Chelsea castigado debe reagruparse con mucho por jugar

0

En total, 2021 será recordado con cariño por los fanáticos del Chelsea. Un segundo título de la Liga de Campeones, un equipo talentoso plagado de graduados de la academia que dominan los lugares del primer equipo y una estructura establecida dentro y fuera del campo para mantener una posición como una fuerza dominante en el fútbol europeo.

Sin embargo, después de que Mike Dean hizo sonar el silbato de tiempo completo en el último juego de un año impresionante, la mayoría de los que abandonaron Stamford Bridge se fueron con un profundo sentimiento de frustración. Quizás incluso sentimientos prematuros de “lo que podría haber sido”.

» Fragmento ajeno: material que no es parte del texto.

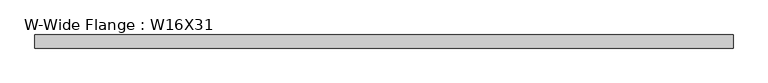
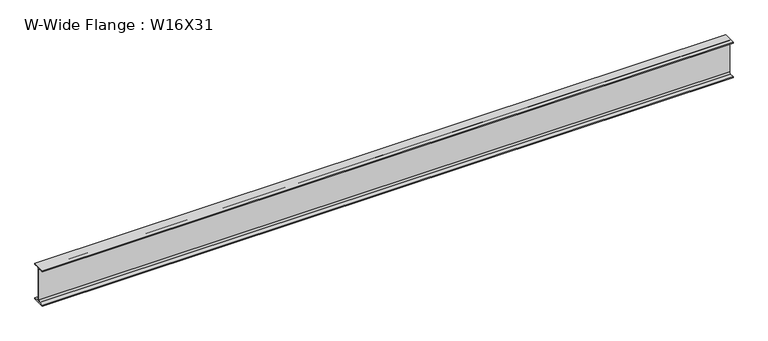
"""IFC4 building model written with IfcOpenShell, lengths in millimetres: beam geometry, W-Wide Flange : W16X31."""

from ifc_helpers import new_model, si_unit, point, frame, frame_2d, origin, place, context, project, spatial, polyline, circle_curve, trimmed, segment, composite_curve, outline, extrude, source, transform, mapped, element, save


def w_wide_flange_w16x31_e54a2e1a(model_context):
    return source(origin(), model_context, "Body", "SweptSolid", [
        extrude(outline(composite_curve([segment(polyline([(70.231, -190.754), (70.231, -201.93), (-70.231, -201.93), (-70.231, -190.754), (-20.8915, -190.754)]), True, "CONTINUOUS"), segment(trimmed(circle_curve(frame_2d((-20.8915, -173.355)), 17.399), [point((-20.8915, -190.754))], [point((-3.4925, -173.355))], True, "CARTESIAN"), True, "CONTINUOUS"), segment(polyline([(-3.4925, -173.355), (-3.4925, 173.355)]), True, "CONTINUOUS"), segment(trimmed(circle_curve(frame_2d((-20.8915, 173.355)), 17.399), [point((-3.4925, 173.355))], [point((-20.8915, 190.754))], True, "CARTESIAN"), True, "CONTINUOUS"), segment(polyline([(-20.8915, 190.754), (-70.231, 190.754), (-70.231, 201.93), (70.231, 201.93), (70.231, 190.754), (20.8915, 190.754)]), True, "CONTINUOUS"), segment(trimmed(circle_curve(frame_2d((20.8915, 173.355)), 17.399), [point((20.8915, 190.754))], [point((3.4925, 173.355))], True, "CARTESIAN"), True, "CONTINUOUS"), segment(polyline([(3.4925, 173.355), (3.4925, -173.355)]), True, "CONTINUOUS"), segment(trimmed(circle_curve(frame_2d((20.8915, -173.355)), 17.399), [point((3.4925, -173.355))], [point((20.8915, -190.754))], True, "CARTESIAN"), True, "CONTINUOUS"), segment(polyline([(20.8915, -190.754), (70.231, -190.754)]), True, "CONTINUOUS")], self_intersect=False)), frame((-3714.5535319, 0.0, 0.0), z_axis=(1.0, 0.0, 0.0), x_axis=(0.0, 1.0, 0.0)), (0.0, 0.0, 1.0), 7444.0959781),
    ])


if __name__ == "__main__":
    model = new_model("IFC4")
    model_context = context("Model", 3, world=origin())
    ifc_project = project(units=[si_unit("LENGTHUNIT", "METRE", prefix="MILLI")], contexts=[model_context])
    site = spatial("IfcSite", under=ifc_project)
    building = spatial("IfcBuilding", under=site)
    placement = place(None, origin())
    w_wide_flange_w16x31_shape = w_wide_flange_w16x31_e54a2e1a(model_context)
    element("IfcBeam", 1, ObjectType="W-Wide Flange : W16X31", at=placement, inside=building, context=model_context, shape_type="MappedRepresentation", body=[
        mapped(w_wide_flange_w16x31_shape, transform((0.0, 0.0, 0.0), x_axis=(1.0, 0.0, 0.0), y_axis=(0.0, 1.0, 0.0), z_axis=(0.0, 0.0, 1.0))),
    ])
    save(model, "model.ifc")

# Revit data of these elements
# Type "W-Wide Flange : W16X31"
#   Assembly Code = "B10"
#   W = 31
#   Start Extension Calculation [instance default] = 10' - 0"
#   Start Extension [instance default] = -0' - 0 1/2"
#   End Extension Calculation [instance default] = 10' - 0"
#   End Extension [instance default] = -0' - 0 1/2"
#   Length [instance default] = 5' - 0"
#   bf = 0' - 5.53"
#   d = 1' - 3.9"
#   k = 0' - 1 1/8"
#   k2 = 0' - 0.685"
#   tf = 0' - 0.44"
#   tw = 0' - 0.275"
#   A = 0.0634028 SF
#   Beam Material [instance default] = Metal - Steel - ASTM A992
# Element 1 (IfcBeam, "W-Wide Flange : W16X31")
#   Materials on its faces: "Metal - Steel - ASTM A992"
# Materials
#   "Metal - Steel - ASTM A992": class "Metal", colour RGB 128 0 0, transparency 0

Un empate 1-1 con Brighton y Hove Albion confirmado en el minuto 91 por el empate de Danny Welbeck culminó un diciembre desalentador. Uno que comenzó con ellos con un punto de ventaja en la parte superior hasta ahora, después de que el Manchester City mantuviera su ventaja de 1-0 a cinco millas de distancia en Brentford, detrás de los campeones defensores de la Premier League por ocho.

Este último mes ha tenido nueve de los 14 goles concedidos hasta ahora, lo que ha contribuido a la caída general de 11 puntos desde posiciones ganadoras esta temporada, un récord solo mejor que el de Burnley, Leeds United, Southampton y Newcastle United. Un punto más del que renunciaron en toda la campaña 2020/21.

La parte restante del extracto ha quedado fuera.